- **Your instructions**
Which of the lines below contain the string "Signals"? Copy each one.

--- START ---

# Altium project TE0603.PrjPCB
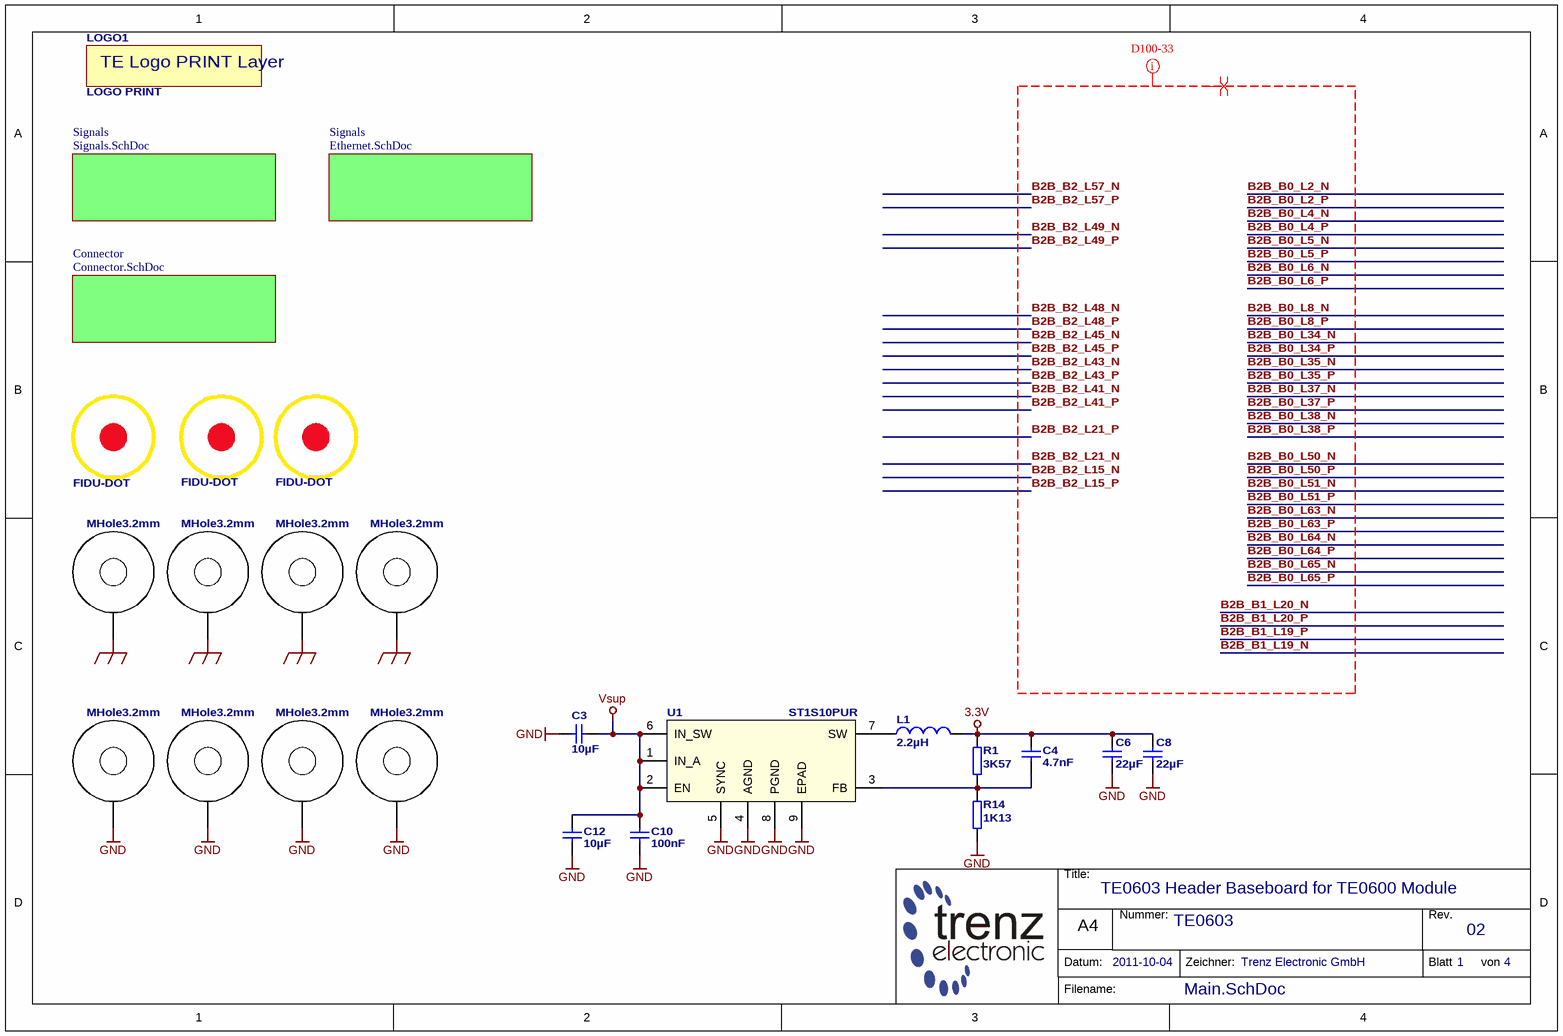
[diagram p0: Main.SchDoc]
4 sheets, 86 parts. Net scope: global (net labels, ports and power ports of the same name join across sheets).
Board file: TE0603.PcbDoc
Sheets:
  Main.SchDoc
    Connector = Connector.SchDoc
    Signals = Signals.SchDoc
    Signals = Ethernet.SchDoc

## Sheet Main.SchDoc: TE0603 Header Baseboard for TE0600 Module
size A4; Organization: Trenz Electronic GmbH; DocumentNumber: TE0603; Revision: 02; SheetNumber: 1; SheetTotal: 4; Date: 2011-10-04

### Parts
C3  10µF  [CAPC3225X279N]
C4  4.7nF  [CAPC1005X55N]
C6  22µF  [CAPC2012N]
C8  22µF  [CAPC2012N]
C10  100nF  [CAPC1608N]
C12  10µF  [CAPC3225X279N]
H1  MHole3.2mm  [MHole3_2mm]  (no BOM)
H2  MHole3.2mm  [MHole3_2mm]  (no BOM)
H3  MHole3.2mm  [MHole3_2mm]  (no BOM)
H4  MHole3.2mm  [MHole3_2mm]  (no BOM)
H5  MHole3.2mm  [MHole3_2mm]  (no BOM)
H6  MHole3.2mm  [MHole3_2mm]  (no BOM)
H7  MHole3.2mm  [MHole3_2mm]  (no BOM)
H8  MHole3.2mm  [MHole3_2mm]  (no BOM)
L1  2.2µH  [WE-PD-S-P]
LOGO1  LOGO PRINT  [LOGO PRINT]  (no BOM)
PM1  FIDU-DOT  [FIDU-DOT]
PM2  FIDU-DOT  [FIDU-DOT]
PM3  FIDU-DOT  [FIDU-DOT]
R1  3K57  [RESC1005N]
R14  1K13  [RESC1005N]
U1  ST1S10PUR  [SON80P400X400X100-9N]

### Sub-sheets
Connector = Connector.SchDoc: no entries
Signals = Signals.SchDoc: no entries
Signals = Ethernet.SchDoc: no entries

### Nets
3.3V: C4.1 C6.1 C8.1 L1.2 R1.1
FGND: H1.1 H2.1 H3.1 H4.1
GND: C3.1 C6.2 C8.2 C10.2 C12.1 H5.1 H6.1 H7.1 H8.1 R14.2 U1.4(AGND) U1.5(SYNC) U1.8(PGND) U1.9(EPAD)
Vsup: C3.2 C10.1 C12.2 U1.1(IN_A) U1.2(EN) U1.6(IN_SW)
NetC4_2: C4.2 R1.2 R14.1 U1.3(FB)
NetL1_1: L1.1 U1.7(SW)

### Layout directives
net class D100-33: B2B_B0_L2_N, B2B_B0_L2_P, B2B_B0_L4_N, B2B_B0_L4_P, B2B_B0_L5_N, B2B_B0_L5_P, B2B_B0_L6_N, B2B_B0_L6_P, B2B_B0_L8_N, B2B_B0_L8_P, B2B_B0_L34_N, B2B_B0_L34_P, B2B_B0_L35_N, B2B_B0_L35_P, B2B_B0_L37_N, B2B_B0_L37_P, B2B_B0_L38_N, B2B_B0_L38_P, B2B_B0_L50_N, B2B_B0_L50_P, B2B_B0_L51_N, B2B_B0_L51_P, B2B_B0_L63_N, B2B_B0_L63_P, B2B_B0_L64_N, B2B_B0_L64_P, B2B_B0_L65_N, B2B_B0_L65_P, B2B_B1_L19_N, B2B_B1_L19_P, B2B_B1_L20_N, B2B_B1_L20_P, B2B_B2_L15_N, B2B_B2_L15_P, B2B_B2_L21_N, B2B_B2_L21_P, B2B_B2_L41_N, B2B_B2_L41_P, B2B_B2_L43_N, B2B_B2_L43_P, B2B_B2_L45_N, B2B_B2_L45_P, B2B_B2_L48_N, B2B_B2_L48_P, B2B_B2_L49_N, B2B_B2_L49_P, B2B_B2_L57_N, B2B_B2_L57_P
differential pair: B2B_B0_L2_N, B2B_B0_L2_P, B2B_B0_L4_N, B2B_B0_L4_P, B2B_B0_L5_N, B2B_B0_L5_P, B2B_B0_L6_N, B2B_B0_L6_P, B2B_B0_L8_N, B2B_B0_L8_P, B2B_B0_L34_N, B2B_B0_L34_P, B2B_B0_L35_N, B2B_B0_L35_P, B2B_B0_L37_N, B2B_B0_L37_P, B2B_B0_L38_N, B2B_B0_L38_P, B2B_B0_L50_N, B2B_B0_L50_P, B2B_B0_L51_N, B2B_B0_L51_P, B2B_B0_L63_N, B2B_B0_L63_P, B2B_B0_L64_N, B2B_B0_L64_P, B2B_B0_L65_N, B2B_B0_L65_P, B2B_B1_L19_N, B2B_B1_L19_P, B2B_B1_L20_N, B2B_B1_L20_P, B2B_B2_L15_N, B2B_B2_L15_P, B2B_B2_L21_N, B2B_B2_L21_P, B2B_B2_L41_N, B2B_B2_L41_P, B2B_B2_L43_N, B2B_B2_L43_P, B2B_B2_L45_N, B2B_B2_L45_P, B2B_B2_L48_N, B2B_B2_L48_P, B2B_B2_L49_N, B2B_B2_L49_P, B2B_B2_L57_N, B2B_B2_L57_P

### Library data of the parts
C3 C12 = 23514: KON 10µF 50V  X5R SMD; AN: 23514; Value: 10u; Param 4: SMT
C4 = 22582: KON 4,7nF 50V X7R SMD; AN: 22582; Value: 4.7n; Param 4: SMT
C6 C8 = 23410: KON 22µF 6,3V  X5R SMD; AN: 23410; Param 1: 6.3V; Value: 22u; Param 4: SMT
C10 = 21382: KON 100nF 50V X7R SMD; AN: 21382; Value: 100n; Param 4: SMT
H1-H8 = 22898: AN: 22898
L1 = 22681: IND SMD 2,2µH IDC=4,02A, Isat=4,8A; AN: 22681; Param 1: 4.02A; Param 2: 0.02Ohm; Value: 2.2u; Param 4: SMT; Trenz-Stock: Yes
LOGO1 = 23748: AN: 23748
PM1-PM3 = 22906: AN: 22906
R1 = 23145: WID SMD 3K57 1% 0,063W; AN: 23145; Value: 3.57K; Param 4: SMT
R14 = 23160: WID SMD 1K13 1% 0,063W; AN: 23160; Value: 1.13K; Param 4: SMT
U1 = 23402: AN: 23402; Param 4: SMT; Trenz-Stock: Yes

## Sheet Connector.SchDoc: Header Baseboard - Headers
size A4; Organization: Trenz Electronic GmbH; DocumentNumber: TE0603; Revision: 02; SheetNumber: 2; SheetTotal: 4; Date: 2011-10-04; PageSetup: Record=PageOptions|CenterHorizontal=True|CenterVertical=True|PrintScale=2.81|XCorrection=1.00|YCorrection=1.00|PrintKind=0|BorderSize=5000000|LeftOffset=0|BottomOffset=0|Orientation=2|PaperLength=1000|PaperWidth=1000|Scale=100|PaperSource=7|PrintQuality=-4|MediaType=1|DitherType=10|PaperKind=A1 (594 x 841 mm)|PrintScaleMode=1
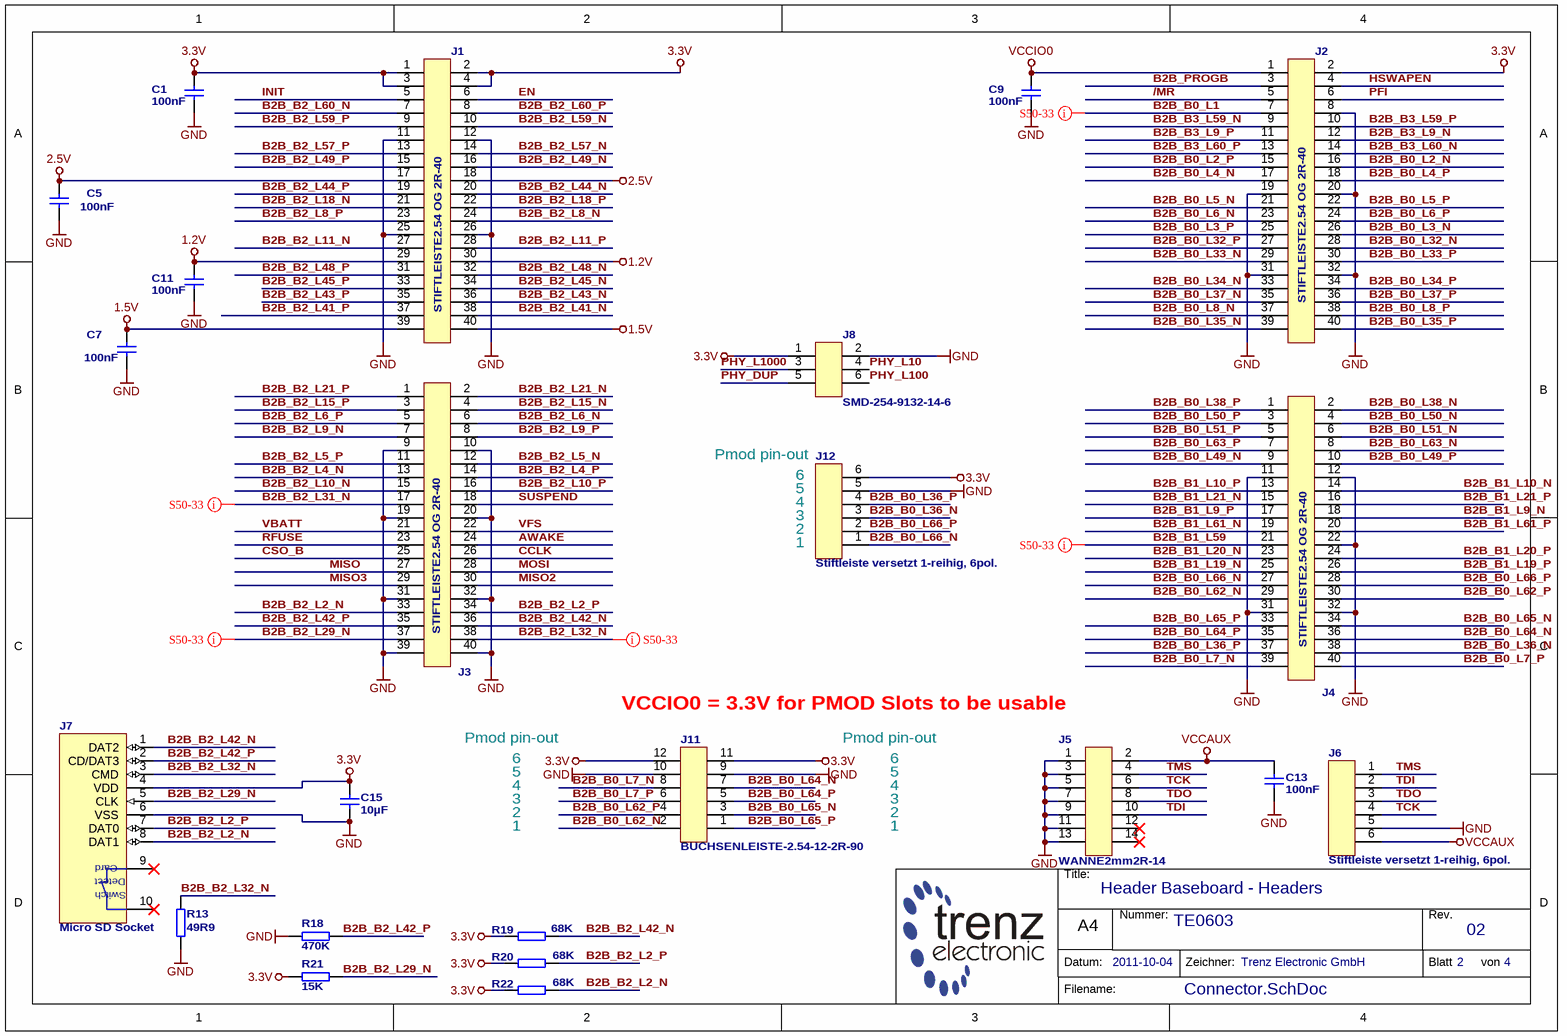
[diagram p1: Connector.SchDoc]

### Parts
C1  100nF  [CAPC1608N]
C5  100nF  [CAPC1608N]
C7  100nF  [CAPC1608N]
C9  100nF  [CAPC1608N]
C11  100nF  [CAPC1608N]
C13  100nF  [CAPC1608N]
C15  10µF  [CAPC1608N]
J1  STIFTLEISTE2.54 OG 2R-40  [STIFTLEISTE2_54 OG 2R-40]
J2  STIFTLEISTE2.54 OG 2R-40  [STIFTLEISTE2_54 OG 2R-40]
J3  STIFTLEISTE2.54 OG 2R-40  [STIFTLEISTE2_54 OG 2R-40]
J4  STIFTLEISTE2.54 OG 2R-40  [STIFTLEISTE2_54 OG 2R-40]
J5  WANNE2mm2R-14  [WANNE2mm2R-14]
J6  Stiftleiste versetzt 1-reihig, 6pol.  [STIFTLEISTE2_54 OG 1R-6V]
J7  Micro SD Socket  [112A-TXAR-R01]
J8  SMD-254-9132-14-6  [SMD-254-9132-14-6]
J11  BUCHSENLEISTE-2.54-12-2R-90  [BUCHSENLEISTE-2.54-12-2R-90]
J12  Stiftleiste versetzt 1-reihig, 6pol.  [STIFTLEISTE2_54 OG 1R-6V]
R13  49R9  [RESC1609N]
R18  470K  [RESC1609N]
R19  68K  [RESC1609N]
R20  68K  [RESC1609N]
R21  15K  [RESC1609N]
R22  68K  [RESC1609N]

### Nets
1.2V: C11.1 J1.29 J1.30
1.5V: C7.1 J1.39 J1.40
2.5V: C5.1 J1.17 J1.18
3.3V: C1.1 C15.1 J1.1 J1.2 J1.3 J1.4 J2.2 J7.4(VDD) J8.1 J11.11 J11.12 J12.6 R19.1 R20.1 R21.1 R22.1
GND: C1.2 C5.2 C7.2 C9.2 C11.2 C13.2 C15.2 J1.11 J1.12 J1.25 J1.26 J2.8 J2.19 J2.20 J2.31 J2.32 J3.9 J3.10 J3.19 J3.20 J3.31 J3.32 J3.39 J3.40 J4.11 J4.12 J4.22 J4.31 J4.32 J5.1 J5.3 J5.5 J5.7 J5.9 J5.11 J5.13 J6.5 J7.6(VSS) J8.2 J11.9 J11.10 J12.5 R13.2 R18.1
VCCAUX: C13.1 J5.2 J6.6
VCCIO0: C9.1 J2.1
/MR: J2.5
AWAKE: J3.24
B2B_B0_L1: J2.7
B2B_B0_L2_N: J2.16
B2B_B0_L2_P: J2.15
B2B_B0_L3_N: J2.26
B2B_B0_L3_P: J2.25
B2B_B0_L4_N: J2.17
B2B_B0_L4_P: J2.18
B2B_B0_L5_N: J2.21
B2B_B0_L5_P: J2.22
B2B_B0_L6_N: J2.23
B2B_B0_L6_P: J2.24
B2B_B0_L7_N: J4.39 J11.8
B2B_B0_L7_P: J4.40 J11.6
B2B_B0_L8_N: J2.37
B2B_B0_L8_P: J2.38
B2B_B0_L32_N: J2.28
B2B_B0_L32_P: J2.27
B2B_B0_L33_N: J2.29
B2B_B0_L33_P: J2.30
B2B_B0_L34_N: J2.33
B2B_B0_L34_P: J2.34
B2B_B0_L35_N: J2.39
B2B_B0_L35_P: J2.40
B2B_B0_L36_N: J4.38 J12.3
B2B_B0_L36_P: J4.37 J12.4
B2B_B0_L37_N: J2.35
B2B_B0_L37_P: J2.36
B2B_B0_L38_N: J4.2
B2B_B0_L38_P: J4.1
B2B_B0_L49_N: J4.9
B2B_B0_L49_P: J4.10
B2B_B0_L50_N: J4.4
B2B_B0_L50_P: J4.3
B2B_B0_L51_N: J4.6
B2B_B0_L51_P: J4.5
B2B_B0_L62_N: J4.29 J11.2
B2B_B0_L62_P: J4.30 J11.4
B2B_B0_L63_N: J4.8
B2B_B0_L63_P: J4.7
B2B_B0_L64_N: J4.36 J11.7
B2B_B0_L64_P: J4.35 J11.5
B2B_B0_L65_N: J4.34 J11.3
B2B_B0_L65_P: J4.33 J11.1
B2B_B0_L66_N: J4.27 J12.1
B2B_B0_L66_P: J4.28 J12.2
B2B_B1_L9_N: J4.18
B2B_B1_L9_P: J4.17
B2B_B1_L10_N: J4.14
B2B_B1_L10_P: J4.13
B2B_B1_L19_N: J4.25
B2B_B1_L19_P: J4.26
B2B_B1_L20_N: J4.23
B2B_B1_L20_P: J4.24
B2B_B1_L21_N: J4.15
B2B_B1_L21_P: J4.16
B2B_B1_L59: J4.21
B2B_B1_L61_N: J4.19
B2B_B1_L61_P: J4.20
B2B_B2_L2_N: J3.33 J7.8(DAT1) R22.2
B2B_B2_L2_P: J3.34 J7.7(DAT0) R20.2
B2B_B2_L4_N: J3.13
B2B_B2_L4_P: J3.14
B2B_B2_L5_N: J3.12
B2B_B2_L5_P: J3.11
B2B_B2_L6_N: J3.6
B2B_B2_L6_P: J3.5
B2B_B2_L8_N: J1.24
B2B_B2_L8_P: J1.23
B2B_B2_L9_N: J3.7
B2B_B2_L9_P: J3.8
B2B_B2_L10_N: J3.15
B2B_B2_L10_P: J3.16
B2B_B2_L11_N: J1.27
B2B_B2_L11_P: J1.28
B2B_B2_L15_N: J3.4
B2B_B2_L15_P: J3.3
B2B_B2_L18_N: J1.21
B2B_B2_L18_P: J1.22
B2B_B2_L21_N: J3.2
B2B_B2_L21_P: J3.1
B2B_B2_L29_N: J3.37 J7.5(CLK) R21.2
B2B_B2_L31_N: J3.17
B2B_B2_L32_N: J3.38 J7.3(CMD) R13.1
B2B_B2_L41_N: J1.38
B2B_B2_L41_P: J1.37
B2B_B2_L42_N: J3.36 J7.1(DAT2) R19.2
B2B_B2_L42_P: J3.35 J7.2(CD/DAT3) R18.2
B2B_B2_L43_N: J1.36
B2B_B2_L43_P: J1.35
B2B_B2_L44_N: J1.20
B2B_B2_L44_P: J1.19
B2B_B2_L45_N: J1.34
B2B_B2_L45_P: J1.33
B2B_B2_L48_N: J1.32
B2B_B2_L48_P: J1.31
B2B_B2_L49_N: J1.16
B2B_B2_L49_P: J1.15
B2B_B2_L57_N: J1.14
B2B_B2_L57_P: J1.13
B2B_B2_L59_N: J1.10
B2B_B2_L59_P: J1.9
B2B_B2_L60_N: J1.7
B2B_B2_L60_P: J1.8
B2B_B3_L9_N: J2.12
B2B_B3_L9_P: J2.11
B2B_B3_L59_N: J2.9
B2B_B3_L59_P: J2.10
B2B_B3_L60_N: J2.14
B2B_B3_L60_P: J2.13
B2B_PROGB: J2.3
CCLK: J3.26
CSO_B: J3.25
EN: J1.6
HSWAPEN: J2.4
INIT: J1.5
MISO: J3.27
MISO2: J3.30
MISO3: J3.29
MOSI: J3.28
PFI: J2.6
PHY_DUP: J8.5
PHY_L10: J8.4
PHY_L100: J8.6
PHY_L1000: J8.3
RFUSE: J3.23
SUSPEND: J3.18
TCK: J5.6 J6.4
TDI: J5.10 J6.2
TDO: J5.8 J6.3
TMS: J5.4 J6.1
VBATT: J3.21
VFS: J3.22

Not connected (* = marked no-connect by the designer): J5 12* 14*; J7 9* 10*

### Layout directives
net class S50-33: B2B_B0_L1, B2B_B1_L59, B2B_B2_L29_N, B2B_B2_L31_N, B2B_B2_L32_N

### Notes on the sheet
- Pmod pin-out
- (near J12) 3
- (near J12) 4
- (near J12) 5
- (near J12) 6
- (near J12) 1
- (near J12) 2
- (near J11) VCCIO0 = 3.3V for PMOD Slots to be usable
- 4
- 5
- 6
- 1
- 2
- 3

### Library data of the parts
C1 C5 C7 C9 C11 C13 = 21382: as C10 on sheet Main
C15 = 22918: KON 10µF 6,3V X7R SMD; AN: 22918; Param 1: 6.3V; Value: 10u; Param 4: SMT
J1-J4 = 22320: Stiftleiste gerade 2-reihig, 40pol; AN: 22320; Trenz-Stock: Yes
J5 = 22744: Stiftleiste Wanne 14polig SMD; AN: 22744; Param 4: SMT; Trenz-Stock: Yes
J6 J12 = 22911: AN: 22911; Trenz-Stock: Yes
J7 = 23193: AN: 23193; Param 4: SMT; Trenz-Stock: Yes
J8 = 22742: Stiftleiste gerade 2reihig, 6pol. SMD; AN: 22742; Param 4: SMT; Trenz-Stock: Yes
J11 = 23185: Buchsenleiste 2-reihig, 12pol 90°; AN: 23185; Trenz-Stock: Yes
R13 = 22534: WID SMD 49R9 1% 0,1W; AN: 22534; Value: 49.9; Param 4: SMT
R18 = 21523: WID SMD 470K 1% 0,1W; AN: 21523; Param 4: SMT
R19 R20 R22 = 22531: WID SMD 68K 1% 0,1W; AN: 22531; Param 4: SMT
R21 = 22528: WID SMD 15K 1% 0,1W; AN: 22528; Param 4: SMT

## Sheet Signals.SchDoc: Header Baseboard - B2B connectors
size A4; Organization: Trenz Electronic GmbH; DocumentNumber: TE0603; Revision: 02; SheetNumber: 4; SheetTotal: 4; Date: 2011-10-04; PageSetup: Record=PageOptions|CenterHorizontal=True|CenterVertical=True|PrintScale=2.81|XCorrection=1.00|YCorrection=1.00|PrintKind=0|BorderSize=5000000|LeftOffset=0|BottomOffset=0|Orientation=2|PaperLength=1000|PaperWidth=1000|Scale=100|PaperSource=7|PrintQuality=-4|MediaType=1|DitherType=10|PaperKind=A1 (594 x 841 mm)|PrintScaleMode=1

--- END ---

- **Result of the task**
    Signals = Signals.SchDoc
    Signals = Ethernet.SchDoc
Signals = Signals.SchDoc: no entries
Signals = Ethernet.SchDoc: no entries
## Sheet Signals.SchDoc: Header Baseboard - B2B connectors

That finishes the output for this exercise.